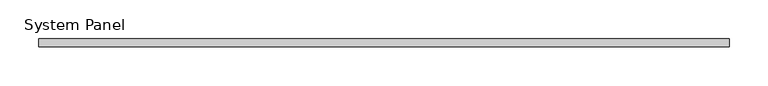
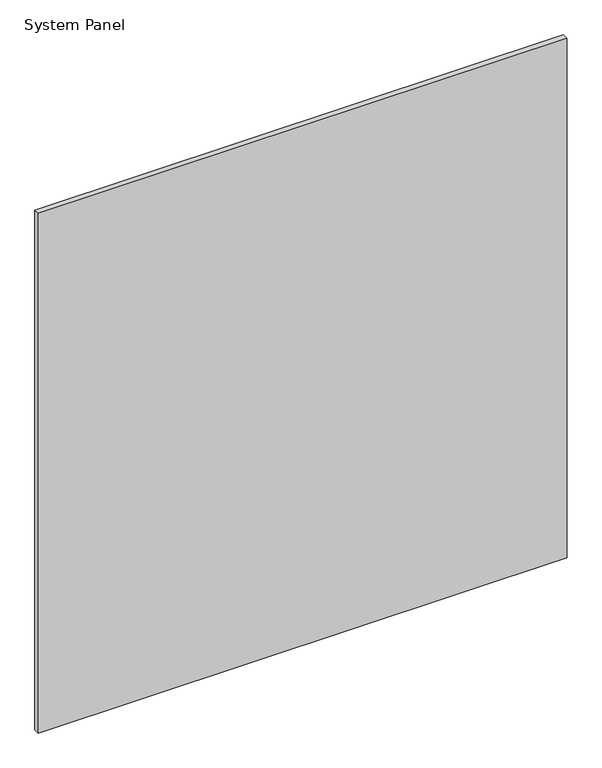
"""IFC4 building model written with IfcOpenShell, lengths in millimetres: plate geometry, System Panel : MALLA ACMA."""

from ifc_helpers import new_model, si_unit, origin, origin_with_axes, place, context, project, spatial, polyline, outline, extrude, source, transform, mapped, element, save


def system_panel_e05096ac(model_context):
    return source(origin(), model_context, "Body", "SweptSolid", [
        extrude(outline(polyline([(442.8756578, -5.0), (-442.8756578, -5.0), (-442.8756578, 5.0), (442.8756578, 5.0), (442.8756578, -5.0)])), origin_with_axes(), (0.0, 0.0, 1.0), 920.0),
    ])


if __name__ == "__main__":
    model = new_model("IFC4")
    model_context = context("Model", 3, world=origin())
    ifc_project = project(units=[si_unit("LENGTHUNIT", "METRE", prefix="MILLI")], contexts=[model_context])
    site = spatial("IfcSite", under=ifc_project)
    building = spatial("IfcBuilding", under=site)
    placement = place(None, origin())
    system_panel_shape = system_panel_e05096ac(model_context)
    element("IfcPlate", 1, ObjectType="System Panel : MALLA ACMA", at=placement, inside=building, context=model_context, shape_type="MappedRepresentation", body=[
        mapped(system_panel_shape, transform((0.0, 0.0, 0.0), x_axis=(1.0, 0.0, 0.0), y_axis=(0.0, 1.0, 0.0), z_axis=(0.0, 0.0, 1.0))),
    ])
    save(model, "model.ifc")
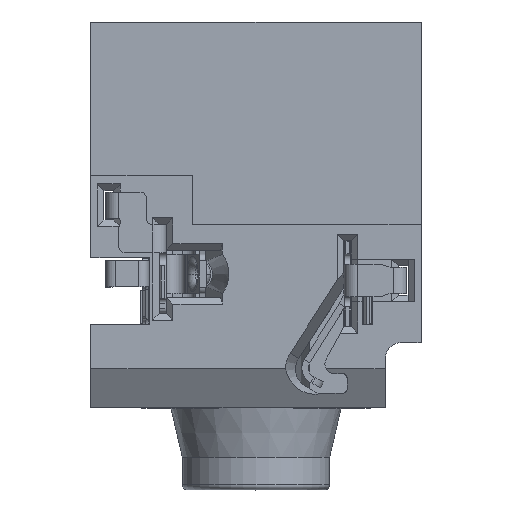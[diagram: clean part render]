
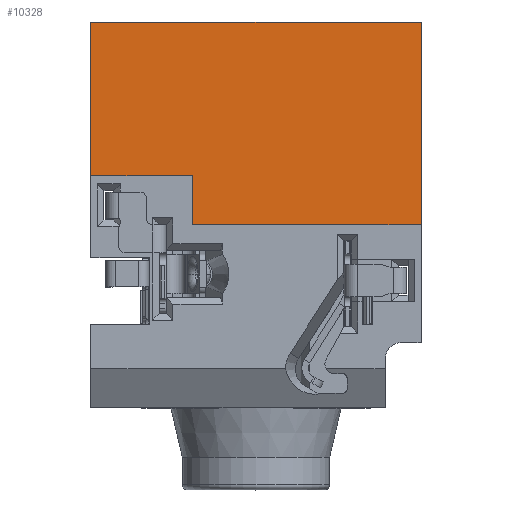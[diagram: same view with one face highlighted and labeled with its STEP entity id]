
A CAD part, top view. The second image highlights one B-rep face of the part: STEP entity #10328.
In plain terms, the highlighted planar face has unit normal (0, 0, 1).
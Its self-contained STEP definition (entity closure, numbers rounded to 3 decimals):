
#336 = CARTESIAN_POINT ( 'NONE',  ( -5.05, -11.8, 0. ) ) ;
#1799 = CARTESIAN_POINT ( 'NONE',  ( -5.05, 0., 0. ) ) ;
#2050 = ORIENTED_EDGE ( 'NONE', *, *, #12604, .F. ) ;
#4292 = DIRECTION ( 'NONE',  ( 0., 1., 0. ) ) ;
#4827 = VERTEX_POINT ( 'NONE', #31221 ) ;
#5370 = DIRECTION ( 'NONE',  ( 0., 1., 0. ) ) ;
#6060 = ORIENTED_EDGE ( 'NONE', *, *, #27570, .F. ) ;
#6539 = ORIENTED_EDGE ( 'NONE', *, *, #29017, .F. ) ;
#8069 = DIRECTION ( 'NONE',  ( 0., 0., -1. ) ) ;
#8449 = LINE ( 'NONE', #1799, #16292 ) ;
#8497 = PLANE ( 'NONE',  #11207 ) ;
#8960 = VECTOR ( 'NONE', #12165, 1000. ) ;
#9829 = CARTESIAN_POINT ( 'NONE',  ( 5.05, -6.2, 0. ) ) ;
#10328 = ADVANCED_FACE ( 'NONE', ( #16243 ), #8497, .F. ) ;
#11207 = AXIS2_PLACEMENT_3D ( 'NONE', #20971, #8069, #30593 ) ;
#11211 = DIRECTION ( 'NONE',  ( 0., 1., 0. ) ) ;
#12165 = DIRECTION ( 'NONE',  ( -1., 0., 0. ) ) ;
#12513 = LINE ( 'NONE', #20239, #24223 ) ;
#12604 = EDGE_CURVE ( 'NONE', #24810, #20729, #17274, .T. ) ;
#12617 = ORIENTED_EDGE ( 'NONE', *, *, #13276, .F. ) ;
#13276 = EDGE_CURVE ( 'NONE', #24931, #4827, #26947, .T. ) ;
#13431 = EDGE_CURVE ( 'NONE', #30794, #15028, #17590, .T. ) ;
#15028 = VERTEX_POINT ( 'NONE', #24375 ) ;
#15610 = ORIENTED_EDGE ( 'NONE', *, *, #13431, .T. ) ;
#16243 = FACE_OUTER_BOUND ( 'NONE', #29554, .T. ) ;
#16292 = VECTOR ( 'NONE', #17230, 1000. ) ;
#17230 = DIRECTION ( 'NONE',  ( -1., 0., 0. ) ) ;
#17274 = LINE ( 'NONE', #336, #22328 ) ;
#17590 = LINE ( 'NONE', #29312, #21846 ) ;
#17602 = LINE ( 'NONE', #24501, #8960 ) ;
#20239 = CARTESIAN_POINT ( 'NONE',  ( -5.05, -4.7, 0. ) ) ;
#20304 = EDGE_CURVE ( 'NONE', #15028, #20729, #8449, .T. ) ;
#20729 = VERTEX_POINT ( 'NONE', #31695 ) ;
#20971 = CARTESIAN_POINT ( 'NONE',  ( -5.05, -11.8, 0. ) ) ;
#21154 = CARTESIAN_POINT ( 'NONE',  ( -1.95, -4.7, 0. ) ) ;
#21846 = VECTOR ( 'NONE', #4292, 1000. ) ;
#22328 = VECTOR ( 'NONE', #5370, 1000. ) ;
#24223 = VECTOR ( 'NONE', #30495, 1000. ) ;
#24375 = CARTESIAN_POINT ( 'NONE',  ( 5.05, 0., 0. ) ) ;
#24501 = CARTESIAN_POINT ( 'NONE',  ( -1.95, -6.2, 0. ) ) ;
#24810 = VERTEX_POINT ( 'NONE', #25809 ) ;
#24931 = VERTEX_POINT ( 'NONE', #29390 ) ;
#25809 = CARTESIAN_POINT ( 'NONE',  ( -5.05, -4.7, 0. ) ) ;
#26947 = LINE ( 'NONE', #21154, #30098 ) ;
#27570 = EDGE_CURVE ( 'NONE', #4827, #24810, #12513, .T. ) ;
#29017 = EDGE_CURVE ( 'NONE', #30794, #24931, #17602, .T. ) ;
#29312 = CARTESIAN_POINT ( 'NONE',  ( 5.05, -11.8, 0. ) ) ;
#29390 = CARTESIAN_POINT ( 'NONE',  ( -1.95, -6.2, 0. ) ) ;
#29554 = EDGE_LOOP ( 'NONE', ( #2050, #6060, #12617, #6539, #15610, #31679 ) ) ;
#30098 = VECTOR ( 'NONE', #11211, 1000. ) ;
#30495 = DIRECTION ( 'NONE',  ( -1., 0., 0. ) ) ;
#30593 = DIRECTION ( 'NONE',  ( 1., 0., 0. ) ) ;
#30794 = VERTEX_POINT ( 'NONE', #9829 ) ;
#31221 = CARTESIAN_POINT ( 'NONE',  ( -1.95, -4.7, 0. ) ) ;
#31679 = ORIENTED_EDGE ( 'NONE', *, *, #20304, .T. ) ;
#31695 = CARTESIAN_POINT ( 'NONE',  ( -5.05, 0., 0. ) ) ;
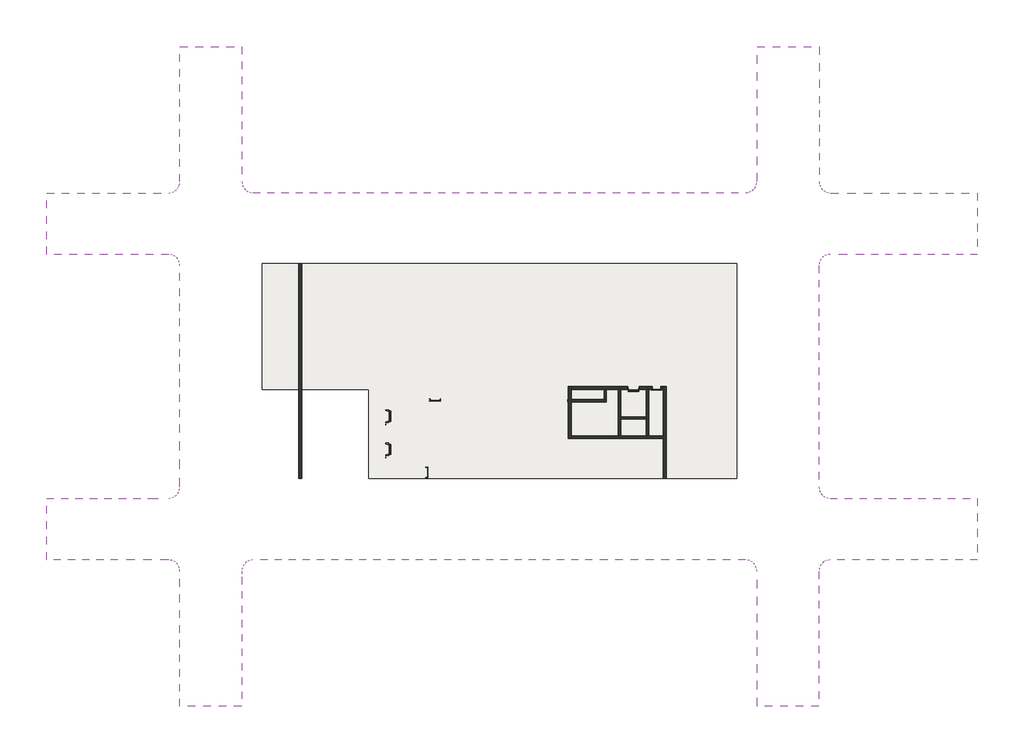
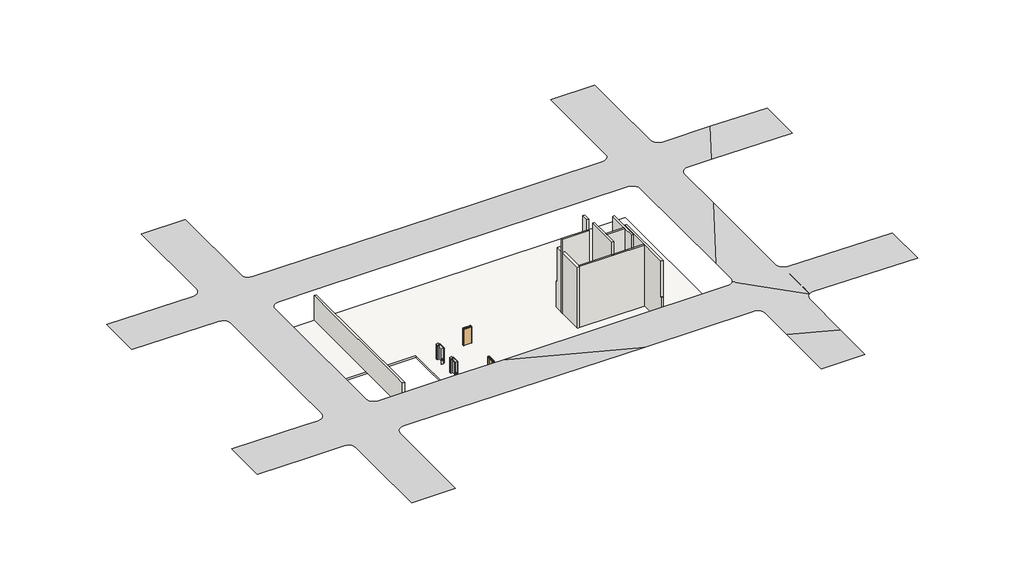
# One storey: 10 walls, 4 proxies, 3 doors, 1 slab.
"""IFC4 building model written with IfcOpenShell, lengths in millimetres."""

from ifc_helpers import new_model, si_unit, frame, origin, place, context, project, spatial, polyline, outline, extrude, faceted_brep, triangles, transform, mapped, element, save
from components import lift_single_entry_gen_type1_208d8e88, lift_single_entry_gen_type1_718a1e9e, swing_metal_frame_single_dor_f6efc24d, swing_metal_frame_single_dor1_c5ce34d2

model = new_model("IFC4")

# Units and contexts
model_context = context("Model", 3, world=origin())
ifc_project = project(units=[si_unit("LENGTHUNIT", "METRE", prefix="MILLI")], contexts=[model_context])

# Site, building, storey
site = spatial("IfcSite", under=ifc_project)
building = spatial("IfcBuilding", under=site)
storey = spatial("IfcBuildingStorey", under=building, Name="B1階", Elevation=21600.0)

# Proxies
placement = place(None, origin())
element("IfcBuildingElementProxy", 1, Name="Building Element Proxy", at=placement, inside=storey, context=model_context, shape_type="Tessellation", body=[
    triangles([(52234.9976807, 19209.9995361, 24930.3108398), (52283.9435303, 19519.0178833, 24929.2783447), (52425.9813721, 19797.7845886, 24928.2132935), (52647.2143799, 20019.0175964, 24927.2180054), (52925.9834106, 20161.0554382, 24926.3947998), (53235.0017578, 20209.9989624, 24925.8180908), (56267.7236206, 20209.9989624, 24921.6718323), (66363.1167114, 20209.9989624, 24802.7186279), (66363.1167114, 25689.999353, 24816.7038208), (59254.1087769, 25689.999353, 24900.4708008), (53255.0005371, 25689.999353, 24908.6726257), (52945.9821899, 25738.9428772, 24908.9423767), (52667.2131592, 25880.9830444, 24908.8795898), (52445.9848022, 26102.2137268, 24908.4912415), (52303.9423096, 26380.9827576, 24907.8145386), (52255.0011108, 26690.0011047, 24906.9145935), (52255.0011108, 34327.4884094, 24883.0555847), (52255.0011108, 38735.0007751, 24892.550354), (46734.9985107, 38735.0007751, 24909.198175), (46734.9985107, 32602.9866943, 24895.989679), (46734.9985107, 26709.999884, 24914.4001831), (46686.057312, 26400.9838623, 24915.4326782), (46544.0148193, 26122.2148315, 24916.4977295), (46322.7864624, 25900.9841492, 24917.4906921), (46044.0174316, 25758.9439819, 24918.3162231), (45734.9990845, 25710.0004578, 24918.8906067), (24671.0615479, 25710.0004578, 24947.6865234), (1849.6057068, 25710.0004578, 25016.5172058), (1546.7691044, 25757.9649719, 25017.5334229), (1273.5761868, 25897.1634521, 25018.6589355), (1056.7690716, 26113.9711487, 25019.7797974), (917.5703733, 26387.1637756, 25020.7867126), (869.6057138, 26690.0011047, 25021.5843384), (869.6057138, 38735.0007751, 25047.5315918), (-4650.3943428, 38735.0007751, 25064.1794128), (-4650.3943428, 26690.0011047, 25038.2321594), (-4699.337867, 26380.9827576, 25037.7159119), (-4759.2138634, 26263.4690002, 25037.6414978), (-4841.3771622, 26102.2137268, 25037.8670654), (-5062.6090073, 25880.9830444, 25038.6507385), (-5341.3774567, 25738.9428772, 25039.7553223), (-5650.3940598, 25689.999353, 25041.0738464), (-16527.2760773, 25689.999353, 25088.9011597), (-16527.2760773, 20209.9989624, 25084.2386536), (-5650.3940598, 20209.9989624, 25036.4113403), (-5341.3774567, 20161.0554382, 25035.0114258), (-5062.6090073, 20019.0175964, 25033.6649963), (-4841.3771622, 19797.7845886, 25032.5022766), (-4699.337867, 19519.0178833, 25031.641864), (-4650.3943428, 19209.9995361, 25031.1628235), (-4650.3943428, 4364.6178909, 25018.5333618), (-4650.3943428, -510.0000112, 25022.0168701), (-4699.337867, -819.0170139, 25022.2935974), (-4841.3771622, -1097.7852453, 25022.6610168), (-5062.6090073, -1319.0170177, 25023.0819214), (-5341.3774567, -1461.0564583, 25023.5121277), (-5650.3940598, -1509.9999825, 25023.9121033), (-7509.9532288, -1509.9999825, 25026.1096436), (-16527.2760773, -1509.9999825, 25065.7607117), (-16527.2760773, -7010.0000244, 25061.0819275), (-10187.1607452, -7010.0000244, 25033.2022339), (-5650.3940598, -7010.0000244, 25027.8420959), (-5341.3774567, -7058.9435486, 25027.5118835), (-5062.6090073, -7200.9831345, 25027.2839905), (-4841.3771622, -7422.2149796, 25027.1793457), (-4699.337867, -7700.9828476, 25027.2119019), (-4650.3943428, -8010.000032, 25027.3746826), (-4650.3943428, -12175.2103271, 25030.3512451), (-4650.3943428, -20035.0003418, 24999.8507812), (849.6056992, -20035.0003418, 24976.6266174), (849.6056992, -8535.4638885, 25021.2518005), (849.6056992, -8010.000032, 25020.8750793), (898.5492233, -7700.9828476, 25020.5960266), (1040.5887365, -7422.2149796, 25020.2309326), (1261.820509, -7200.9831345, 25019.8100281), (1540.588813, -7058.9435486, 25019.3798218), (1849.6057068, -7010.0000244, 25018.9798462), (3154.724881, -7010.0000244, 25017.4380798), (32062.7499023, -7010.0000244, 24895.3757629), (45734.9990845, -7010.0000244, 24895.3757629), (46044.0174316, -7058.9435486, 24894.6409241), (46322.7864624, -7200.9831345, 24892.5108215), (46544.0148193, -7422.2149796, 24889.1924194), (46686.057312, -7700.9828476, 24885.0112793), (46734.9985107, -8010.000032, 24880.374353), (46734.9985107, -12581.5448273, 24811.8017944), (46734.9985107, -20035.0003418, 24782.8779785), (52234.9976807, -20035.0003418, 24759.6561401), (52234.9976807, -14670.0801361, 24780.4734741), (52234.9976807, -8010.000032, 24880.374353), (52283.9435303, -7700.9828476, 24885.0112793), (52425.9813721, -7422.2149796, 24889.1924194), (52647.2143799, -7200.9831345, 24892.5108215), (52749.910437, -7148.6572586, 24893.2944946), (52925.9834106, -7058.9435486, 24891.4504211), (53235.0017578, -7010.0000244, 24887.9343567), (66363.1167114, -7010.0000244, 24733.2437988), (66363.1167114, -1509.9999825, 24747.2824768), (53235.0017578, -1509.9999825, 24901.9707092), (52925.9834106, -1461.0564583, 24905.7379211), (52647.2143799, -1319.0170177, 24909.3842102), (52425.9813721, -1097.7852453, 24912.5561096), (52283.9435303, -819.0170139, 24914.9420105), (52234.9976807, -510.0000112, 24916.3070435), (52234.9976807, 12809.9680939, 24950.3026428), (46734.9985107, 19209.9995361, 24937.8289856), (46734.9985107, 2717.4931389, 24989.3514221), (46734.9985107, -510.0000112, 24981.1123901), (46686.057312, -819.0170139, 24980.9007751), (46544.0148193, -1097.7852453, 24981.8635071), (46453.4296509, -1188.3725939, 24982.6983398), (46322.7864624, -1319.0170177, 24980.7403198), (46044.0174316, -1461.0564583, 24978.6102173), (45734.9990845, -1509.9999825, 24977.8753784), (17578.9095612, -1509.9999825, 24977.8753784), (11465.7420044, -1509.9999825, 25003.6877563), (1849.6057068, -1509.9999825, 25015.0498535), (1546.7691044, -1462.035323, 25015.3730896), (1273.5761868, -1322.8366974, 25015.5963318), (1056.7690716, -1106.0295822, 25015.6986511), (917.5703733, -832.8366646, 25015.6684204), (869.6057138, -529.9999895, 25015.5079651), (869.6057138, 15704.7902344, 25003.9086731), (869.6057138, 19209.9995361, 25006.8898865), (918.549238, 19519.0178833, 25006.9387207), (1060.5887512, 19797.7845886, 25006.5503723), (1205.2584091, 19942.4548279, 25006.0364502), (1281.820451, 20019.0175964, 25005.9713379), (1560.588755, 20161.0554382, 25005.4364868), (1869.6057941, 20209.9989624, 25004.6109558), (7065.9710266, 20209.9989624, 24988.9374939), (45734.9990845, 20209.9989624, 24936.0732788), (46044.0174316, 20161.0554382, 24935.8035278), (46322.7864624, 20019.0175964, 24935.8663147), (46544.0148193, 19797.7845886, 24936.2546631), (46686.057312, 19519.0178833, 24936.931366)], [[64, 65, 55], [64, 56, 63], [67, 68, 71], [66, 73, 65], [68, 69, 70], [74, 55, 65], [61, 62, 58], [58, 59, 61], [62, 57, 58], [61, 59, 60], [57, 62, 63], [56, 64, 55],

------------------------------------------------

EXERCISE DETAILS: Begin at the line above that has "#6539 = ORIENTED_EDGE" and stop after the line that has "#12513 = LINE ( 'NONE', #20239, #24223 ) ;", copying each line exactly and adding nothing else.

YOUR SOLUTION:
#6539 = ORIENTED_EDGE ( 'NONE', *, *, #29017, .F. ) ;
#8069 = DIRECTION ( 'NONE',  ( 0., 0., -1. ) ) ;
#8449 = LINE ( 'NONE', #1799, #16292 ) ;
#8497 = PLANE ( 'NONE',  #11207 ) ;
#8960 = VECTOR ( 'NONE', #12165, 1000. ) ;
#9829 = CARTESIAN_POINT ( 'NONE',  ( 5.05, -6.2, 0. ) ) ;
#10328 = ADVANCED_FACE ( 'NONE', ( #16243 ), #8497, .F. ) ;
#11207 = AXIS2_PLACEMENT_3D ( 'NONE', #20971, #8069, #30593 ) ;
#11211 = DIRECTION ( 'NONE',  ( 0., 1., 0. ) ) ;
#12165 = DIRECTION ( 'NONE',  ( -1., 0., 0. ) ) ;
#12513 = LINE ( 'NONE', #20239, #24223 ) ;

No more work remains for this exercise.